The sound of footsteps alerted him, and Ultaf shivered. Panic, fear, and unbridled rage assaulted him from all directions and he was barely aware of his body thrashing about. And then something cool and oh-so-familiar slid in front of him.
“How are you enjoying your stay, elder brother?” said Tanya in an almost husky tone.
Tanya slid into view, looking beautiful and provocative, her pale, pupil-less feline-slanted eyes gazing upon him almost fondly, as she raised a pale hand, and licked the tip of her finger. Ultaf was suddenly aware of a hoarfrost tendril that was crawling upon his chest that began to dig into his skin, drawing blood. He looked at the blood trickling out of his chest, then at the tendril. Then feeling the sudden drop in his vitality, he noticed Tanya licking her finger with nothing short of horror in his eyes. That bitch! She was sucking his lifeforce dry with just that little finger.
He had almost forgotten that she had once served as Grandfather’s sword and acted as his representative on multiple occasions before the hideous truth of her heritage came to light.
“W— why?” He croaked out a few moments later. His body felt deliciously numb and he wondered if he was going to die this time around.

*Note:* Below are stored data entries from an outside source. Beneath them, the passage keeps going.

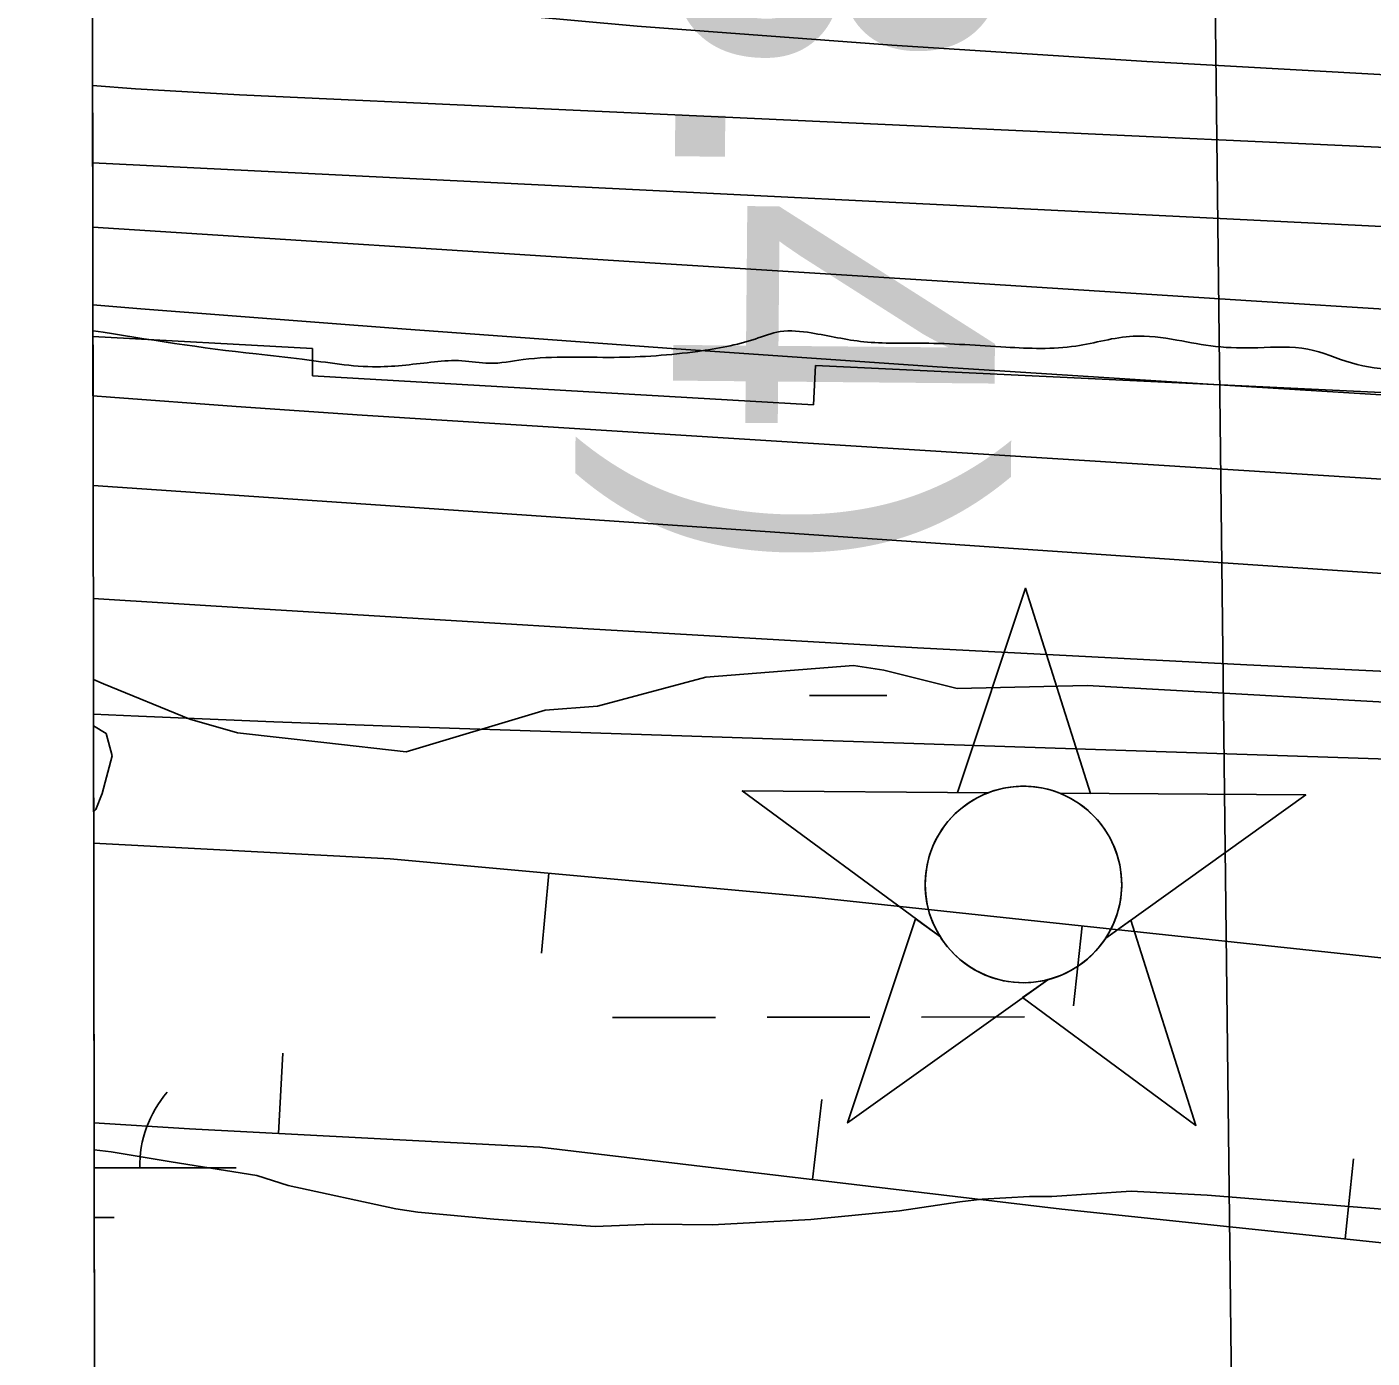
# Model space of a CAD drawing. Extents: x 3329297 to 3367176, y 649250 to 674653.
# Drawn here: x 3333403.5 to 3333821.6, y 658405.3 to 658819.1 of the extents above; entities that cross this region are included whole.
import ezdxf

# ---------------------------------------------------------------- set-up
doc = ezdxf.new("R2010")
doc.units = 0
for name, color, linetype in [('V-BORW-LINE', 7, 'Continuous'), ('V-CHAN-NAID', 7, 'Continuous'), ('V-GRID-FRAM', 7, 'Continuous'), ('V-RIVR-EDGE', 7, 'Continuous'), ('V-RIVR-RANG', 7, 'Continuous'), ('V-RRAP-RVMT', 7, 'Continuous'), ('V-SITE-VEGE', 7, 'Continuous'), ('V-TOPO-DPTH', 7, 'Continuous'), ('V-TOPO-MAJR', 7, 'Continuous'), ('V-TOPO-MINR', 7, 'Continuous'), ('V-TOPO-WATR', 7, 'Continuous'), ('V-WETL-SWMP', 7, 'Continuous')]:
    doc.layers.add(name, color=color, linetype=linetype)

msp = doc.modelspace()

# ---------------------------------------------------------------- linework, layer by layer
at = {"layer": 'V-BORW-LINE'}
for p, q in [((3333565.7, 658556.07), (3333563.45, 658531.17)), ((3333731.49, 658539.69), (3333728.83, 658514.83)), ((3333481.75, 658475.21), (3333483.06, 658500.17)), ((3333647.64, 658460.89), (3333650.59, 658485.71)), ((3333813.21, 658442.41), (3333815.83, 658467.27))]:
    msp.add_line(p, q, dxfattribs=at)
for points in [[(3333424.22, 658565.45), (3333516.37, 658560.54), (3333648.68, 658548.56), (3333829.18, 658529.22), (3333981.3, 658508.4), (3334141.97, 658488.53), (3334253.66, 658459.15), (3334346.54, 658418.45), (3334307.29, 658411.38), (3334198.56, 658408.07), (3334043.12, 658417.74), (3333887.79, 658434.55), (3333725.21, 658451.68), (3333562.88, 658470.94), (3333454.08, 658476.66), (3333424.35, 658478.5)], [(3334023.12, 658503.23), (3333981.3, 658508.4), (3333829.18, 658529.22), (3333648.68, 658548.56), (3333516.37, 658560.54), (3333424.22, 658565.45)], [(3333424.35, 658478.5), (3333454.08, 658476.66), (3333562.88, 658470.94), (3333725.21, 658451.68), (3333887.79, 658434.55), (3334020.95, 658420.14)]]:
    msp.add_lwpolyline(points, dxfattribs=at)
at = {"layer": 'V-CHAN-NAID'}
for points in [[(3333702.35, 658581.1), (3333692.77, 658581.17), (3333713.89, 658644.65), (3333734.12, 658580.87), (3333724.53, 658580.94), (3333722.95, 658581.52), (3333720.86, 658582.14), (3333718.82, 658582.59), (3333716.78, 658582.9), (3333715.62, 658583.01), (3333714.08, 658583.09), (3333712.36, 658583.09), (3333710.99, 658583.02), (3333709.08, 658582.82), (3333707.72, 658582.6), (3333705.93, 658582.22), (3333704.4, 658581.8), (3333703.37, 658581.47)], [(3333702.35, 658581.1), (3333625.86, 658581.64), (3333687.43, 658536.24), (3333686.32, 658538.15), (3333685.51, 658539.78), (3333684.68, 658541.75), (3333683.98, 658543.8), (3333683.62, 658545.12), (3333683.26, 658546.75), (3333683.02, 658548.19), (3333682.83, 658549.79), (3333682.72, 658551.53), (3333682.71, 658553.11), (3333682.81, 658555.18), (3333683, 658556.8), (3333683.39, 658559), (3333683.87, 658560.93), (3333684.47, 658562.81), (3333685.13, 658564.49), (3333685.85, 658566.08), (3333686.67, 658567.62), (3333687.73, 658569.35), (3333688.76, 658570.82), (3333689.76, 658572.09), (3333690.76, 658573.24), (3333692.07, 658574.58), (3333693.12, 658575.54), (3333694.84, 658576.94), (3333696.05, 658577.81), (3333697.74, 658578.88), (3333699.47, 658579.82), (3333700.92, 658580.51)], [(3333724.53, 658580.94), (3333801.02, 658580.4), (3333738.82, 658535.88), (3333739.73, 658537.37), (3333740.71, 658539.21), (3333741.42, 658540.8), (3333742.16, 658542.75), (3333742.71, 658544.54), (3333743.11, 658546.18), (3333743.47, 658548.19), (3333743.65, 658549.76), (3333743.78, 658551.97), (3333743.75, 658554.03), (3333743.56, 658556.25), (3333743.29, 658558.01), (3333742.8, 658560.24), (3333742.16, 658562.38), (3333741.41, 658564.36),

“Oh, elder brother,” she chided lightly, and bopped him on the nose with her finger. “Always so quick to demand answers. Perhaps you should start answering a few of my own.”
Ultaf choked and stared at her with wide eyes.
“But you haven’t asked any!” He exclaimed hysterically.
“Oh,” Tanya uttered in surprise. “That’s right. I haven’t.”
Ultaf couldn’t help it and burst into hysterical laughter. For some reason, it was the funniest thing he had heard in his life. He laughed and laughed, his body shaking against the chains as Tanya stepped back and watched him with those alien white eyes.
It really fucking hurt.
He had to remember, Ultaf decided, as he laughed. He had to remember Grandfather. Yes. Grandfather. Grandfather. The Warlord. The Beast of Shimizu. Mujin. He chanted the name mentally as his laughs turned into coughs, his body shaking with weakness. Grandfather would come. He would save him. Ultaf was his heir. He wasn’t aware of his lips moving but suddenly a pale hand came out of nowhere and slapped him clear across his face.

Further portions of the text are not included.